_DESCRIPTION OF THE TASK:_ Each line of the records below that contains "Exist" needs to be copied.

_THE INPUT:_
------------------------------------------------

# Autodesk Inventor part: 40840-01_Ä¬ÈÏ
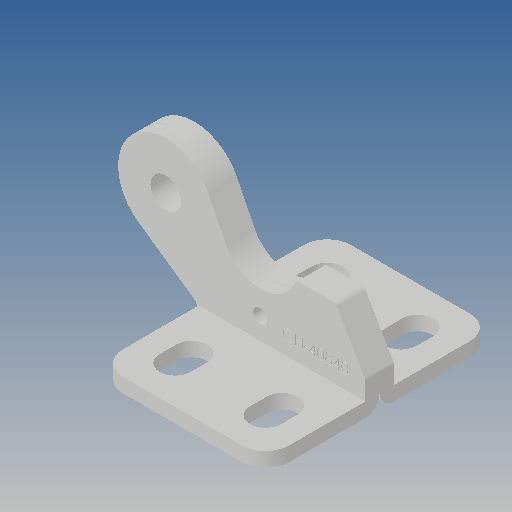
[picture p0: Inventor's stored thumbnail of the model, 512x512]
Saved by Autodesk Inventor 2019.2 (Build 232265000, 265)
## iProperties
Created: 2010-06
Part Number: 40840-01_Ä¬ÈÏ
Material: Ogólny
Document SubType Name: Modeling
Designer: CADENGINEERING4
Density: 1 g/cm^3
Appearance: Domyślna
Author: CADENGINEERING4
Revision Number: ÈÎºÎ
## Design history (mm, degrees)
feature "NONE"
feature "NONE:1"
node "Bryła1"
node "Bryła2"
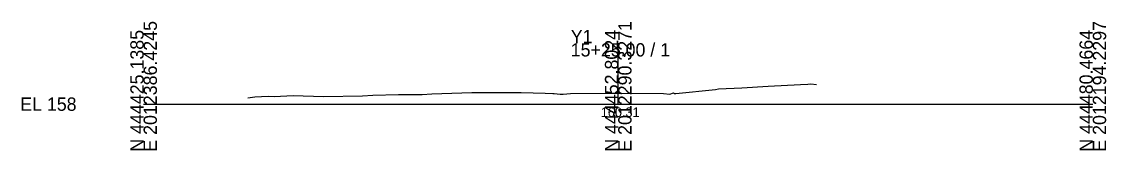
# Model space of a CAD drawing. Extents: x -26 to 3203, y -10 to 9517.
# Drawn here: x 974.3 to 1202.8, y 490.3 to 517.3 of the extents above; entities that cross this region are included whole.
import ezdxf

# ---------------------------------------------------------------- set-up
doc = ezdxf.new("R2010")
doc.units = 0
for name, color, linetype in [('Default', 7, 'Continuous'), ('Exist Cross Section Cell', 7, 'Continuous'), ('Exist XS Center Line Elevation Label', 7, 'Continuous'), ('Exist XS Ground Line', 7, 'Continuous')]:
    doc.layers.add(name, color=color, linetype=linetype)

msp = doc.modelspace()

# ---------------------------------------------------------------- linework, layer by layer
at = {"layer": 'Exist Cross Section Cell'}
for p, q in [((1100, 500), (1100, 512.82)), ((1000, 500), (1100, 500)), ((1100, 500), (1200, 500))]:
    msp.add_line(p, q, dxfattribs=at)
at = {"layer": 'Exist XS Ground Line'}
msp.add_lwpolyline([(1021.98, 501.36), (1023.46, 501.56), (1026.25, 501.68), (1027.5, 501.63), (1031.51, 501.8), (1037.9, 501.63), (1046.12, 501.76), (1048.31, 501.87), (1053.72, 502), (1058.72, 502.06), (1060.73, 502.15), (1069.12, 502.44), (1075.35, 502.48), (1079.53, 502.48), (1084.63, 502.3), (1086.23, 502.27), (1086.53, 502.24), (1087.75, 502.1), (1088.4, 502.13), (1089.93, 502.25), (1098.06, 502.33), (1099.43, 502.32), (1100.19, 502.31), (1100.68, 502.29), (1109.51, 502.26), (1110.88, 502.1), (1111.63, 502.41), (1111.79, 502.22), (1112.15, 502.27), (1120.47, 503.11), (1121.15, 503.21), (1126.02, 503.45), (1131.56, 503.76), (1138.4, 504.12), (1139.96, 504.2), (1140.57, 504.27), (1141.8, 504.13)], dxfattribs=at)

# ---------------------------------------------------------------- texts
at = {"layer": 'Default'}
msp.add_text('-', height=0.0001, dxfattribs=at).set_placement((1000, 500))
at = {"layer": 'Exist Cross Section Cell'}
for s, p in [('E 2012386.4245', (1002.8, 490)), ('E 2012290.3271', (1102.8, 490)), ('E 2012194.2297', (1202.8, 490)), ('N 444425.1385', (1000, 490)), ('N 444452.8024', (1100, 490)), ('N 444480.4664', (1200, 490))]:
    msp.add_text(s, height=2.8, rotation=90, dxfattribs=at).set_placement(p)
for s, p in [('Y1', (1090, 512.82)), ('15+25.00 / 1', (1090, 510.02)), ('EL 158', (974, 498.6))]:
    msp.add_text(s, height=2.8, dxfattribs=at).set_placement(p)
at = {"layer": 'Exist XS Center Line Elevation Label'}
msp.add_text('160.31', height=2, dxfattribs=at).set_placement((1096.32, 497.31))

doc.saveas('drawing.dxf')
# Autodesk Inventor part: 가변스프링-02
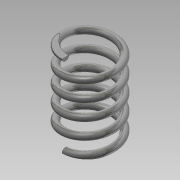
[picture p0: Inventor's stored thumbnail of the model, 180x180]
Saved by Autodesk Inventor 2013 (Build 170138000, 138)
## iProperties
Created: 2014-12
Part Number: 가변스프링-02
Material: 강철, 탄소
Document SubType Name: Modeling
Designer: hanacad19
Density: 7.87 g/cm^3
Mass: 18.8932 g
Surface Area: 32.5247 cm^2
Volume: 2.40066 cm^3
Author: hanacad19
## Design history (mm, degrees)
sketch "스케치1"
  geometry: L1 (0, 0)-(-11, 0); L2 (-11, 0)-(-11, 36.411); L3 (-11, 36.411)-(0, 36.411); L4 (0, 36.411)-(0, 0); C1 r 1.5 at (-11, 0)
  constraints: 8 end point, 2 parallel, 1 centre point, 1 horizontal, 1 perpendicular
  dimensions: "d0" = 3 diameter of C1; "d2" = 22 diameter of L2 L4; "d3" = 36.4112 distance between parallel lines of L1 L3 (derived)
feature "코일1" sketch "스케치1" pitch "d4" = 10; turns "d6" = 5; dims "d5" = 36.4112 (= d3), "d7" = 0, angle "d8" = 90 deg, angle "d9" = 90 deg, "d10" = 0, "d11" = 0
sketch "스케치2"
  geometry: L1 (0, -12.5)-(0, -9.5) reference; 1 further point
  constraints: 1 vertical alignment
extrude "돌출1" cut sketch "스케치2" distance "d12" = 10; taper "d13" = 0 deg
node "작업 평면1"
sketch "스케치3"
  geometry: L1 (0, -9.5)-(0, -12.5) reference; 1 further point
  constraints: 1 vertical alignment
extrude "돌출2" cut sketch "스케치3" distance "d14" = 10; taper "d15" = 0 deg
node "솔리드1"
node "절단 모서리 투영1"
node "절단 모서리 투영2"

------------------------------------------------

_RESPONSE BELOW:_
for name, color, linetype in [('Default', 7, 'Continuous'), ('Exist Cross Section Cell', 7, 'Continuous'), ('Exist XS Center Line Elevation Label', 7, 'Continuous'), ('Exist XS Ground Line', 7, 'Continuous')]:
at = {"layer": 'Exist Cross Section Cell'}
at = {"layer": 'Exist XS Ground Line'}
at = {"layer": 'Exist Cross Section Cell'}
at = {"layer": 'Exist XS Center Line Elevation Label'}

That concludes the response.